▶ _INSTRUCTIONS TO FOLLOW_
Below are the entries; give again exactly the lines from the one mentioning "#4971=CARTESIAN_POINT('Ctrl Pts',(-9.3335,1.17107,-0.19685));" through the one mentioning "#5025=CARTESIAN_POINT('',(-9.78494,1.1875,0.));", inclusive.

Stored records
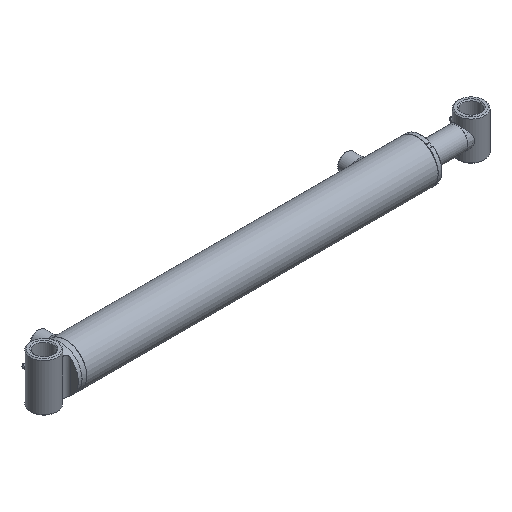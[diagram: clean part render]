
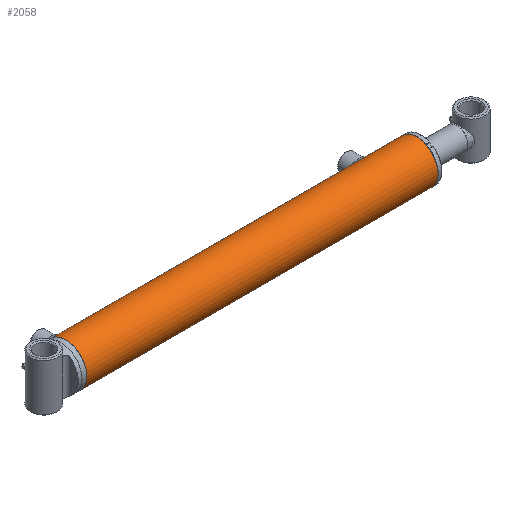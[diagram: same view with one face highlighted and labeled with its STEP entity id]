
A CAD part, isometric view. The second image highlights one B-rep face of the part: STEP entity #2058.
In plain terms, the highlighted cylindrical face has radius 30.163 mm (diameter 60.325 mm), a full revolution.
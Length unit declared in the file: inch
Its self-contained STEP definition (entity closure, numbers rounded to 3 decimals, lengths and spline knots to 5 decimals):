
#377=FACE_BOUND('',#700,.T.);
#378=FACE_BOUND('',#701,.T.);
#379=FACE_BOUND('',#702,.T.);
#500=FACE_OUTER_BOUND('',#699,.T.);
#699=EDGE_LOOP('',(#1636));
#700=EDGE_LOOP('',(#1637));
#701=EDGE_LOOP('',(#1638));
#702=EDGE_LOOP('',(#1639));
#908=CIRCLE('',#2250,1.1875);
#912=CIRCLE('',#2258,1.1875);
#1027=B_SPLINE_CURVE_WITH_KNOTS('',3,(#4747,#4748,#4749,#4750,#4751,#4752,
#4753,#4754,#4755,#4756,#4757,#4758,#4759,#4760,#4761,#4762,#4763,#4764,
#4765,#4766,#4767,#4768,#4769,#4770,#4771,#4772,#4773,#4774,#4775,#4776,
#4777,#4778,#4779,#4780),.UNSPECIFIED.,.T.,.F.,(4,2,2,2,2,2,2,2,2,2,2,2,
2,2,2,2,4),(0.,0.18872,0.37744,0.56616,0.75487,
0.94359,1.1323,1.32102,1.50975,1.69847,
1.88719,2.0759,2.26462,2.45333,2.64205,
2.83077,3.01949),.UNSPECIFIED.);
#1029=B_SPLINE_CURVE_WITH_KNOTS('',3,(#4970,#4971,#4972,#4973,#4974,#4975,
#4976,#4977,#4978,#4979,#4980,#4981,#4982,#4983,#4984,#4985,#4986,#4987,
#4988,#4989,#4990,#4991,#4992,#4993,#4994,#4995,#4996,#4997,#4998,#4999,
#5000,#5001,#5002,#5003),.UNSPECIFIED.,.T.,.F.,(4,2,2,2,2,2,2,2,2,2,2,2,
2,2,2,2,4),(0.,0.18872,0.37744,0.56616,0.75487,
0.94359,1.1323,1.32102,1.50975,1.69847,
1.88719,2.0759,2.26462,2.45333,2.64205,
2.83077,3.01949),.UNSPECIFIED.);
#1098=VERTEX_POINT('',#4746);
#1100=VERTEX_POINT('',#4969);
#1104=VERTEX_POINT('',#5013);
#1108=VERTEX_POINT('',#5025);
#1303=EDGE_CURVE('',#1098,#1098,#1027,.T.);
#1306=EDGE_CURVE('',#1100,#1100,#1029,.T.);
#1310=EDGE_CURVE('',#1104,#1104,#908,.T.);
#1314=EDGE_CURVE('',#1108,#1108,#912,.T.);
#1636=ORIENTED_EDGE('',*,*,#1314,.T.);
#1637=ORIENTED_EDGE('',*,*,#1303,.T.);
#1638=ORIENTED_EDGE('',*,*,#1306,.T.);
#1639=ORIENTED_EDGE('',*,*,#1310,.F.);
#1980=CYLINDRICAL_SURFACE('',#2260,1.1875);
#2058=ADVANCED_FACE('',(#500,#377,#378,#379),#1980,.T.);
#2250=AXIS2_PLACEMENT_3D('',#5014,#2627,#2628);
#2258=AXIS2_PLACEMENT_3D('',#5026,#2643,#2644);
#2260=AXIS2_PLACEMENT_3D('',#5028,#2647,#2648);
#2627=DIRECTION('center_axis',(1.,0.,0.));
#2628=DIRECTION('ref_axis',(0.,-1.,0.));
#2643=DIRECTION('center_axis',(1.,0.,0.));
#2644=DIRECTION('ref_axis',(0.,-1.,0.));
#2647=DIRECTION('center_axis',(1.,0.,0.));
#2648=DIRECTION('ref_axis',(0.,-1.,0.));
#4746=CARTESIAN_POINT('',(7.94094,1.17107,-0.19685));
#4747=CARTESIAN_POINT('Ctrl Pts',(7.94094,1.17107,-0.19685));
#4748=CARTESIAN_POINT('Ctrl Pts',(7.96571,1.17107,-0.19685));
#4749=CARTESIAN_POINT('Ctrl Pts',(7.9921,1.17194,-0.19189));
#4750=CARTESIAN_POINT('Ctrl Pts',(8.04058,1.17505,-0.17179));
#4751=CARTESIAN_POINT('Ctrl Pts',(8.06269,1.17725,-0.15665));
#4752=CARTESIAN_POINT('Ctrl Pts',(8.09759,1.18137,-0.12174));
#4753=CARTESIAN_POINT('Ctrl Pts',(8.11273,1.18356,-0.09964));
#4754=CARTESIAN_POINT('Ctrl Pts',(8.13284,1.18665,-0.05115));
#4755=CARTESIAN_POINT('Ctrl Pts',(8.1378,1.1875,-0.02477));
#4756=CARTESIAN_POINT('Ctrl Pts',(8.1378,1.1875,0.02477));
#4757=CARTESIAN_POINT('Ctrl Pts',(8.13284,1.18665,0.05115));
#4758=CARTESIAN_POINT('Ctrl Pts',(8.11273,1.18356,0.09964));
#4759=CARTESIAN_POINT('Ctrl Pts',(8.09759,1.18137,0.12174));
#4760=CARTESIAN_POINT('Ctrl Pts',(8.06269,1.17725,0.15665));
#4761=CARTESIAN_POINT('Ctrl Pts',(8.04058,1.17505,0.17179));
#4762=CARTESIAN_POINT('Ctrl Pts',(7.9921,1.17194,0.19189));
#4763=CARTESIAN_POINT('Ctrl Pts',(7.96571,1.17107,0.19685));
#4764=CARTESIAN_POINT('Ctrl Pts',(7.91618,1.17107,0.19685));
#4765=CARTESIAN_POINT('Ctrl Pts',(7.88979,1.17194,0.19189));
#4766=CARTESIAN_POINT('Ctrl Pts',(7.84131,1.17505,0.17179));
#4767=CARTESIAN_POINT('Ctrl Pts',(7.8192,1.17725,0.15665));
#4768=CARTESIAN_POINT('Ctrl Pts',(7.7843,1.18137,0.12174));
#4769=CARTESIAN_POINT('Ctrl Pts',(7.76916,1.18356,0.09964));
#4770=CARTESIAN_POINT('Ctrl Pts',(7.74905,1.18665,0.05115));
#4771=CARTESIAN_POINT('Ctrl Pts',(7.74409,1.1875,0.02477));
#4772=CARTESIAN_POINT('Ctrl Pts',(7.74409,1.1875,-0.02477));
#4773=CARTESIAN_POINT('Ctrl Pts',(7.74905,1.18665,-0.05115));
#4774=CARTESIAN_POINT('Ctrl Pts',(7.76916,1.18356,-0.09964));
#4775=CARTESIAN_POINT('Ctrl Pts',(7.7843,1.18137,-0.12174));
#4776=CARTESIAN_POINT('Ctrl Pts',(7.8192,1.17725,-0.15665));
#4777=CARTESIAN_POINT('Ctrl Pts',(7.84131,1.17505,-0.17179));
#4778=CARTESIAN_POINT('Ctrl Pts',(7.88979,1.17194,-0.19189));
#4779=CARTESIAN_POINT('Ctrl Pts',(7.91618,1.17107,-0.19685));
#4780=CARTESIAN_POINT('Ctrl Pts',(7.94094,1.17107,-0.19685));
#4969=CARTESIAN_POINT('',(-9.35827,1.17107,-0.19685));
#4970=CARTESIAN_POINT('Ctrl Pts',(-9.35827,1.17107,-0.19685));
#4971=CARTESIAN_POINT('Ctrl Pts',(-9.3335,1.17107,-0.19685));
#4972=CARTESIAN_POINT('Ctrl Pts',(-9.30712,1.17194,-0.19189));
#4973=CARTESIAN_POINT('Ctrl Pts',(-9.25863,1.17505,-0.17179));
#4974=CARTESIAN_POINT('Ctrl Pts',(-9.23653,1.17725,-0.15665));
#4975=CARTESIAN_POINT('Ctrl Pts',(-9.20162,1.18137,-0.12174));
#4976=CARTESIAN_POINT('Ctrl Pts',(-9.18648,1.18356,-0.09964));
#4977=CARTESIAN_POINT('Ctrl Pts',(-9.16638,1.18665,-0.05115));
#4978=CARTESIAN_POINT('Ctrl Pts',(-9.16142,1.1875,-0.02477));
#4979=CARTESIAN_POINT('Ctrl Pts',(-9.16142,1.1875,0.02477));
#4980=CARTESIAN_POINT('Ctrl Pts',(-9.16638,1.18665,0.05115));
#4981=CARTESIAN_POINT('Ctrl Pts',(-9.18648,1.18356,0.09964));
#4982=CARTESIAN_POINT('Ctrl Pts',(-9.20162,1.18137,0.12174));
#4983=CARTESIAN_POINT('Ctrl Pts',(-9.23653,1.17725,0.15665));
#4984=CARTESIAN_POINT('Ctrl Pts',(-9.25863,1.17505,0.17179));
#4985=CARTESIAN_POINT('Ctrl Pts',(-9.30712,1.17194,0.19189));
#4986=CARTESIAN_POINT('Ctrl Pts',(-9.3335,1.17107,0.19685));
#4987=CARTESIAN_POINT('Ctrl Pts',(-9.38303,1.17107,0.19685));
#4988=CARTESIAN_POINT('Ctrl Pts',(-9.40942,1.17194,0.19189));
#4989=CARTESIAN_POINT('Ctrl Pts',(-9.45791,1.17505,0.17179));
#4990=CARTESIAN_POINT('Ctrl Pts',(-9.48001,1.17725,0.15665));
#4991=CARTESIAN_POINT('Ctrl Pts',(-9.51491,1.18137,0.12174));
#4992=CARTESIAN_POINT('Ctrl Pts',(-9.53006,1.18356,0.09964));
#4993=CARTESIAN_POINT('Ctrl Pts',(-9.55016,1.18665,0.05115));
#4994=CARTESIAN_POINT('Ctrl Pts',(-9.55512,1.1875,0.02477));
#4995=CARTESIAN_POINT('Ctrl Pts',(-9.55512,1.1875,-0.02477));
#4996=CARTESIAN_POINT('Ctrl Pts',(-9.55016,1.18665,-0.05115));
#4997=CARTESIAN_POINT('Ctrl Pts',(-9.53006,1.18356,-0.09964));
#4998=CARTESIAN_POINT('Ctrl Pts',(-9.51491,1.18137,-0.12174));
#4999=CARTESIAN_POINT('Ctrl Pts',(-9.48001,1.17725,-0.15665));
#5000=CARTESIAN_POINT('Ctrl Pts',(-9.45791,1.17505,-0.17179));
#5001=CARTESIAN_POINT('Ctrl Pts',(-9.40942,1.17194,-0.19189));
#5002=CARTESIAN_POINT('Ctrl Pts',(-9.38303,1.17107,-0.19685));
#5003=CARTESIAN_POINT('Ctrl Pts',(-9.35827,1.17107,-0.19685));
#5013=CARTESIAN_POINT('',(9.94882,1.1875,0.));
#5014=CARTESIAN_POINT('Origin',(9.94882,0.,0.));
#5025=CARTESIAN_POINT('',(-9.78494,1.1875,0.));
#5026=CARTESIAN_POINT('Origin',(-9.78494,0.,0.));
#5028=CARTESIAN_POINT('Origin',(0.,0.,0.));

▶ _EXERCISE SOLUTION_
#4971=CARTESIAN_POINT('Ctrl Pts',(-9.3335,1.17107,-0.19685));
#4972=CARTESIAN_POINT('Ctrl Pts',(-9.30712,1.17194,-0.19189));
#4973=CARTESIAN_POINT('Ctrl Pts',(-9.25863,1.17505,-0.17179));
#4974=CARTESIAN_POINT('Ctrl Pts',(-9.23653,1.17725,-0.15665));
#4975=CARTESIAN_POINT('Ctrl Pts',(-9.20162,1.18137,-0.12174));
#4976=CARTESIAN_POINT('Ctrl Pts',(-9.18648,1.18356,-0.09964));
#4977=CARTESIAN_POINT('Ctrl Pts',(-9.16638,1.18665,-0.05115));
#4978=CARTESIAN_POINT('Ctrl Pts',(-9.16142,1.1875,-0.02477));
#4979=CARTESIAN_POINT('Ctrl Pts',(-9.16142,1.1875,0.02477));
#4980=CARTESIAN_POINT('Ctrl Pts',(-9.16638,1.18665,0.05115));
#4981=CARTESIAN_POINT('Ctrl Pts',(-9.18648,1.18356,0.09964));
#4982=CARTESIAN_POINT('Ctrl Pts',(-9.20162,1.18137,0.12174));
#4983=CARTESIAN_POINT('Ctrl Pts',(-9.23653,1.17725,0.15665));
#4984=CARTESIAN_POINT('Ctrl Pts',(-9.25863,1.17505,0.17179));
#4985=CARTESIAN_POINT('Ctrl Pts',(-9.30712,1.17194,0.19189));
#4986=CARTESIAN_POINT('Ctrl Pts',(-9.3335,1.17107,0.19685));
#4987=CARTESIAN_POINT('Ctrl Pts',(-9.38303,1.17107,0.19685));
#4988=CARTESIAN_POINT('Ctrl Pts',(-9.40942,1.17194,0.19189));
#4989=CARTESIAN_POINT('Ctrl Pts',(-9.45791,1.17505,0.17179));
#4990=CARTESIAN_POINT('Ctrl Pts',(-9.48001,1.17725,0.15665));
#4991=CARTESIAN_POINT('Ctrl Pts',(-9.51491,1.18137,0.12174));
#4992=CARTESIAN_POINT('Ctrl Pts',(-9.53006,1.18356,0.09964));
#4993=CARTESIAN_POINT('Ctrl Pts',(-9.55016,1.18665,0.05115));
#4994=CARTESIAN_POINT('Ctrl Pts',(-9.55512,1.1875,0.02477));
#4995=CARTESIAN_POINT('Ctrl Pts',(-9.55512,1.1875,-0.02477));
#4996=CARTESIAN_POINT('Ctrl Pts',(-9.55016,1.18665,-0.05115));
#4997=CARTESIAN_POINT('Ctrl Pts',(-9.53006,1.18356,-0.09964));
#4998=CARTESIAN_POINT('Ctrl Pts',(-9.51491,1.18137,-0.12174));
#4999=CARTESIAN_POINT('Ctrl Pts',(-9.48001,1.17725,-0.15665));
#5000=CARTESIAN_POINT('Ctrl Pts',(-9.45791,1.17505,-0.17179));
#5001=CARTESIAN_POINT('Ctrl Pts',(-9.40942,1.17194,-0.19189));
#5002=CARTESIAN_POINT('Ctrl Pts',(-9.38303,1.17107,-0.19685));
#5003=CARTESIAN_POINT('Ctrl Pts',(-9.35827,1.17107,-0.19685));
#5013=CARTESIAN_POINT('',(9.94882,1.1875,0.));
#5014=CARTESIAN_POINT('Origin',(9.94882,0.,0.));
#5025=CARTESIAN_POINT('',(-9.78494,1.1875,0.));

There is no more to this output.